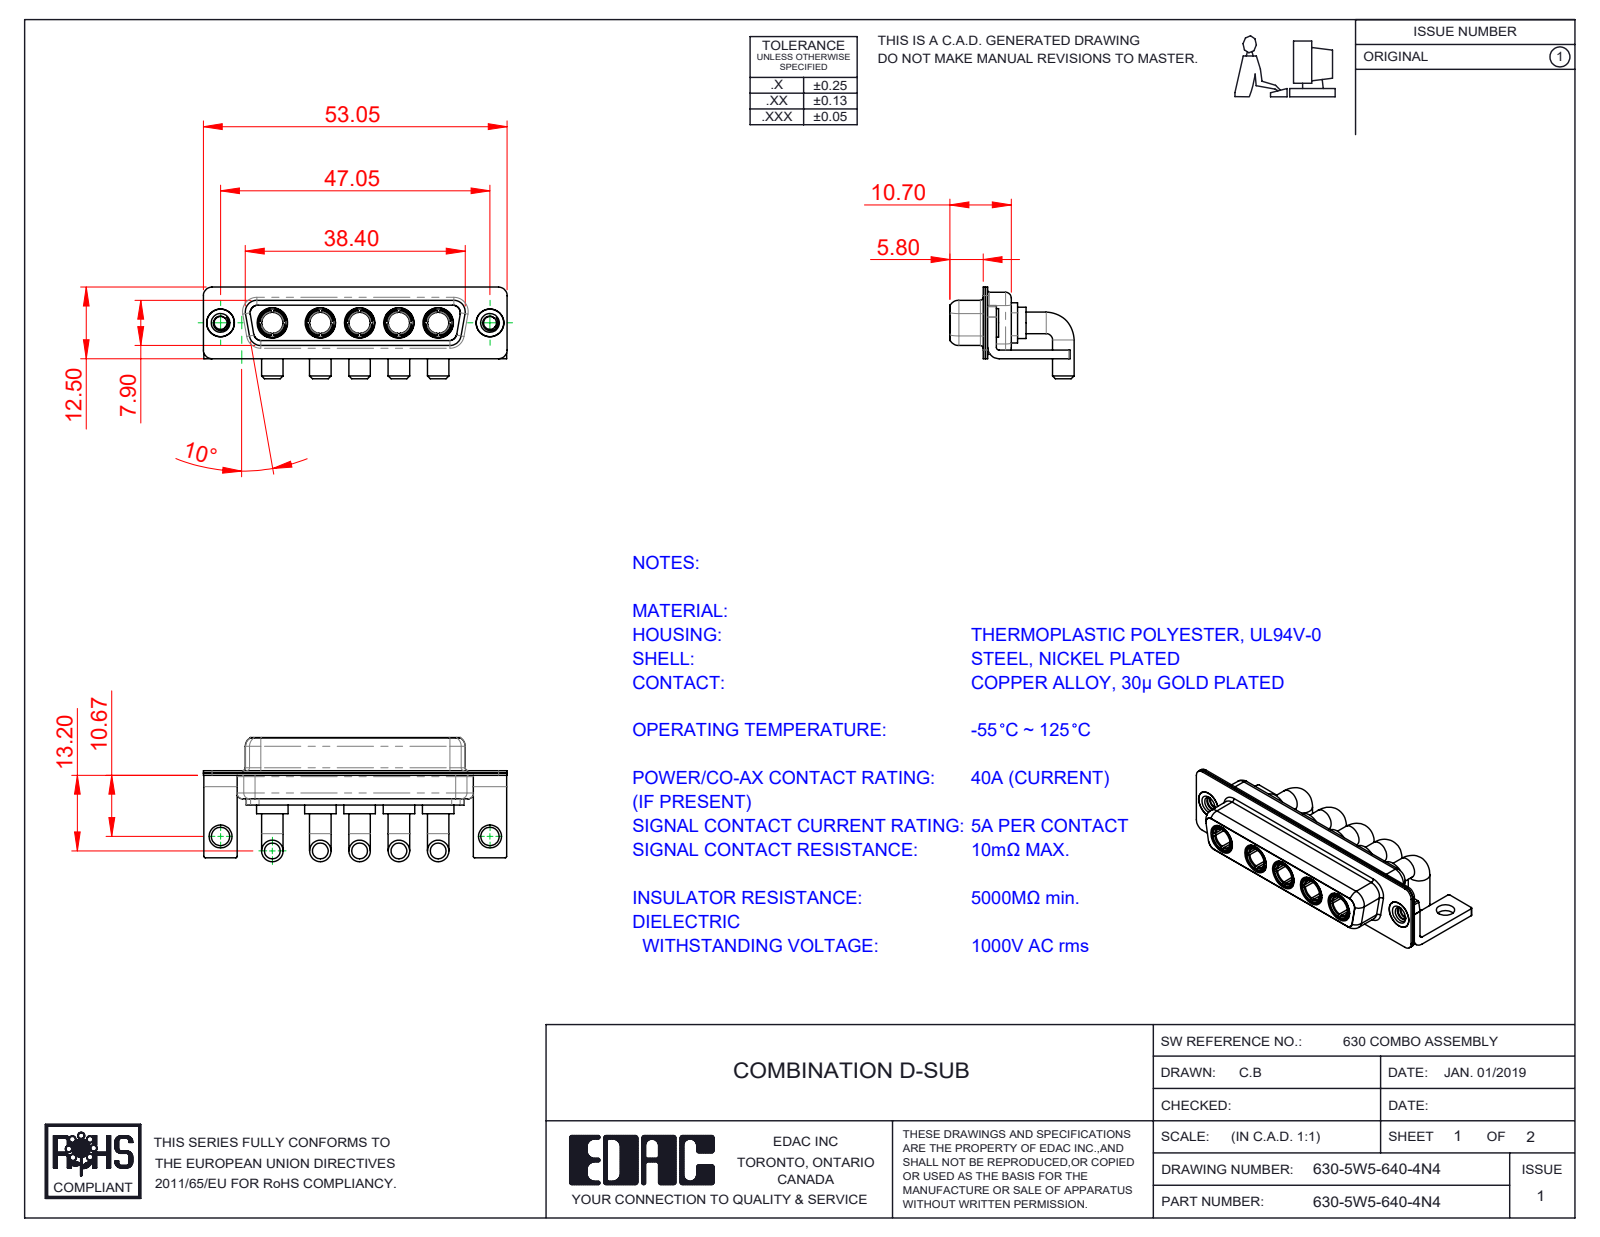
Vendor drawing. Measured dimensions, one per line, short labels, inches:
name: 630Combo Threaded Rivet_3; Power Socket_40A RA; 630Combo Stabilizer Bracket; 630-5W5-640-4N4 (+3 more)
written by: SolidWorks 2020 (CONFIG_CONTROL_DESIGN)
unit: in
bodies: 17 solids, 709 faces (232 planar, 280 cylindrical, 197 other)
size: 2.089 × 0.854 × 0.63
volume: 0.284 in³; area: 14.71 in²
holes: 7× ⌀0.191, 5× ⌀0.146, 5× ⌀0.209, 2× ⌀0.089, 2× ⌀0.126, 2× ⌀0.157, 2× ⌀0.159
bosses: 10× ⌀0.148, 5× ⌀0.217, 5× ⌀0.205, 5× ⌀0.195, 5× ⌀0.187, 2× ⌀0.197, 2× ⌀0.195, 2× ⌀0.189
rounds: 16× R0.01, 16× R0.059, 13× R0.079, 8× R0.053, 8× R0.063, 5× R0.02, 5× R0.083, 4× R0.024
face distances: 0.016, 0.018, 0.055, 0.333, 0.071, 0.031, 0.35, 0.244, 0.059, 0.278
hole spacings: 0.27, 0.356, 1.496, 1.852, 0.27, 0.33, 0.54, 0.541
+++
**TASK REQUIREMENTS:**
Give back the records above word for word, minus any image they hold.

**SOLVED EXERCISE:**
Vendor drawing. Measured dimensions, one per line, short labels, inches:
name: 630Combo Threaded Rivet_3; Power Socket_40A RA; 630Combo Stabilizer Bracket; 630-5W5-640-4N4 (+3 more)
written by: SolidWorks 2020 (CONFIG_CONTROL_DESIGN)
unit: in
bodies: 17 solids, 709 faces (232 planar, 280 cylindrical, 197 other)
size: 2.089 × 0.854 × 0.63
volume: 0.284 in³; area: 14.71 in²
holes: 7× ⌀0.191, 5× ⌀0.146, 5× ⌀0.209, 2× ⌀0.089, 2× ⌀0.126, 2× ⌀0.157, 2× ⌀0.159
bosses: 10× ⌀0.148, 5× ⌀0.217, 5× ⌀0.205, 5× ⌀0.195, 5× ⌀0.187, 2× ⌀0.197, 2× ⌀0.195, 2× ⌀0.189
rounds: 16× R0.01, 16× R0.059, 13× R0.079, 8× R0.053, 8× R0.063, 5× R0.02, 5× R0.083, 4× R0.024
face distances: 0.016, 0.018, 0.055, 0.333, 0.071, 0.031, 0.35, 0.244, 0.059, 0.278
hole spacings: 0.27, 0.356, 1.496, 1.852, 0.27, 0.33, 0.54, 0.541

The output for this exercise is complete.